A legitimate military target is an object, structure, individual, or entity that is considered to be a valid target for attack by belligerent forces according to the law of war during an armed conflict.

Overview
Protocol I to the Geneva Conventions, Article 52, provides for the general protection of civilian objects, hindering attacks to military objectives in a war between two or more belligerents. Article 52 states, "In so far as objects are concerned, military objectives are limited to those objects which by their nature, location, purpose or use make an effective contribution to military action and whose total or partial destruction, capture or neutralization, in the circumstances ruling at the time, offers a definite military advantage."

Any attack must be justified by military necessity: an attack or action must be intended to help in the military defeat of the enemy, it must be an attack on a military objective, and the harm caused to civilians or civilian property must be proportional and not "excessive in relation to the concrete and direct military advantage anticipated".

Some targets are clearly legitimate, including all military personnel directly engaging in hostilities on behalf of a belligerent party who are not hors de combat or are not members of a neutral country. Some civilian infrastructure, such as rail tracks, roads, ports, airports, and telecommunications used by the military for communications or transporting assets, are all considered to be legitimate military targets.

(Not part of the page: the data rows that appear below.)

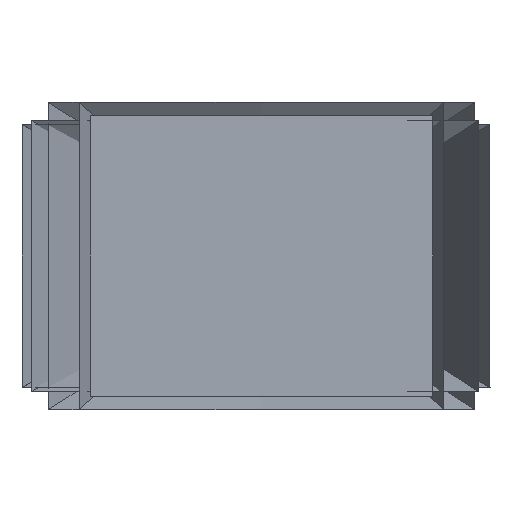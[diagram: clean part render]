
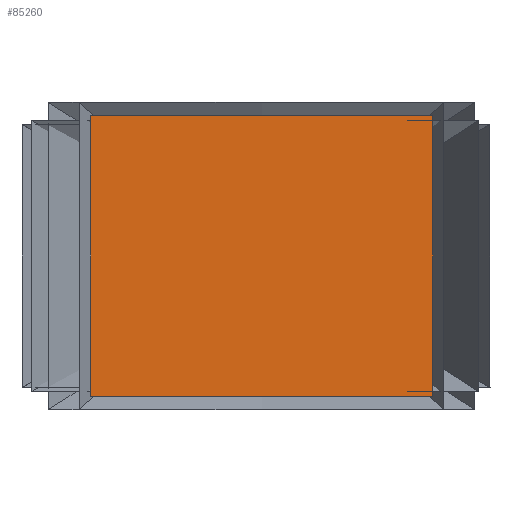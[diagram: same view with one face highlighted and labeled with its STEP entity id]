
A CAD part, front view. The second image highlights one B-rep face of the part: STEP entity #85260.
In plain terms, the highlighted planar face has unit normal (0, -1, 0).
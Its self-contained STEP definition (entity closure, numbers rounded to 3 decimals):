
#85121=DIRECTION('',(0.,0.,-1.));
#85122=VECTOR('',#85121,590.);
#85123=CARTESIAN_POINT('',(-610.,-935.25,277.05));
#85124=LINE('',#85123,#85122);
#85141=DIRECTION('',(0.,0.,-1.));
#85142=VECTOR('',#85141,590.);
#85143=CARTESIAN_POINT('',(110.,-935.25,277.05));
#85144=LINE('',#85143,#85142);
#85145=DIRECTION('',(-1.,0.,0.));
#85146=VECTOR('',#85145,720.);
#85147=CARTESIAN_POINT('',(110.,-935.25,-312.95));
#85148=LINE('',#85147,#85146);
#85153=DIRECTION('',(-1.,0.,0.));
#85154=VECTOR('',#85153,720.);
#85155=CARTESIAN_POINT('',(110.,-935.25,277.05));
#85156=LINE('',#85155,#85154);
#85169=CARTESIAN_POINT('',(-610.,-935.25,277.05));
#85170=VERTEX_POINT('',#85169);
#85171=CARTESIAN_POINT('',(-610.,-935.25,-312.95));
#85172=VERTEX_POINT('',#85171);
#85177=CARTESIAN_POINT('',(110.,-935.25,-312.95));
#85178=VERTEX_POINT('',#85177);
#85179=CARTESIAN_POINT('',(110.,-935.25,277.05));
#85180=VERTEX_POINT('',#85179);
#85247=CARTESIAN_POINT('',(110.,-935.25,277.05));
#85248=DIRECTION('',(0.,-1.,0.));
#85249=DIRECTION('',(-1.,0.,0.));
#85250=AXIS2_PLACEMENT_3D('',#85247,#85248,#85249);
#85251=PLANE('',#85250);
#85252=ORIENTED_EDGE('',*,*,#85190,.F.);
#85254=ORIENTED_EDGE('',*,*,#85253,.F.);
#85256=ORIENTED_EDGE('',*,*,#85255,.T.);
#85257=ORIENTED_EDGE('',*,*,#85233,.T.);
#85258=EDGE_LOOP('',(#85252,#85254,#85256,#85257));
#85259=FACE_OUTER_BOUND('',#85258,.F.);
#85260=ADVANCED_FACE('',(#85259),#85251,.T.);
#85190=EDGE_CURVE('',#85170,#85172,#85124,.T.);
#85233=EDGE_CURVE('',#85178,#85172,#85148,.T.);
#85253=EDGE_CURVE('',#85180,#85170,#85156,.T.);
#85255=EDGE_CURVE('',#85180,#85178,#85144,.T.);
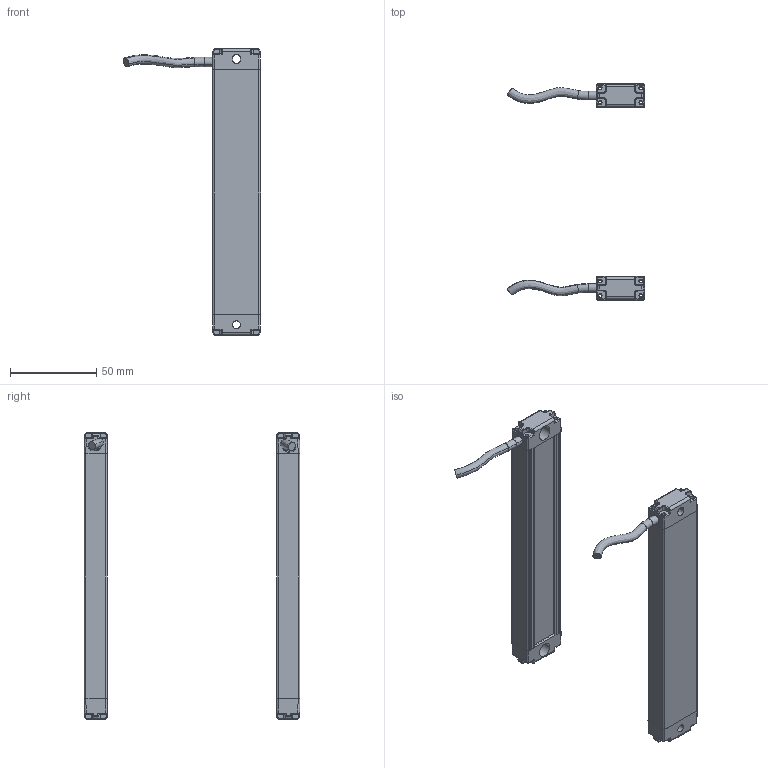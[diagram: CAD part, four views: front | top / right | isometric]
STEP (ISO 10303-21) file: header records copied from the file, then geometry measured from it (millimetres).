
FILE_DESCRIPTION(/* description */ (''),/* implementation_level */ '2;1');
FILE_NAME(/* name */ '1410(13X28W).stp',/* time_stamp */ '2021-03-03T10:50:14+08:00',/* author */ (''),/* organization */ (''),/* preprocessor_version */ 'ST-DEVELOPER v16',/* originating_system */ 'SIEMENS PLM Software NX 10.0',/* authorisation */ '');
FILE_SCHEMA (('AP203_CONFIGURATION_CONTROLLED_3D_DESIGN_OF_MECHANICAL_PARTS_AND_ASSEMBLIES_MIM_LF { 1 0 10303 403 2 1 2}'));
Length unit declared in the file: millimetre
Products named in the file (1): Admi220C8EB7bolr
Bounding box: 79.6 x 125.02 x 166 mm (x, y, z)
Volume: 51763.7 mm3; surface area: 67898.1 mm2
Topology: 10 solids, 10 shells, 760 faces, 2150 edges, 1419 vertices
Faces by surface type: plane 356, cylinder 312, torus 52, bspline 40
Entity records: 28287 total; most frequent: CARTESIAN_POINT 8751, ORIENTED_EDGE 4300, DIRECTION 3785, EDGE_CURVE 2150, VERTEX_POINT 1419, AXIS2_PLACEMENT_3D 1285, LINE 1215, VECTOR 1215

The legal situation becomes more nuanced and ambiguous if the harm to civilians or civilian property is "excessive in relation to the concrete and direct military advantage anticipated". During World War II, there was a song called a thing-ummy-bob, which contains the lines "And it's the girl that makes the thing that holds the oil, that oils the ring that works the thing-ummy-bob, that's going to win the war". Whether such a girl is a legitimate target is an area that probably has to be decided on a case-by-case basis. However, Protocol I suggests that if it is not clear, then the parties to the conflict should err on the side of caution, as Article 52 states: "In case of doubt whether an object which is normally dedicated to civilian purposes, such as a place of worship, a house, or other dwelling or a school, is being used to make an effective contribution to military action, it shall be presumed not to be so used".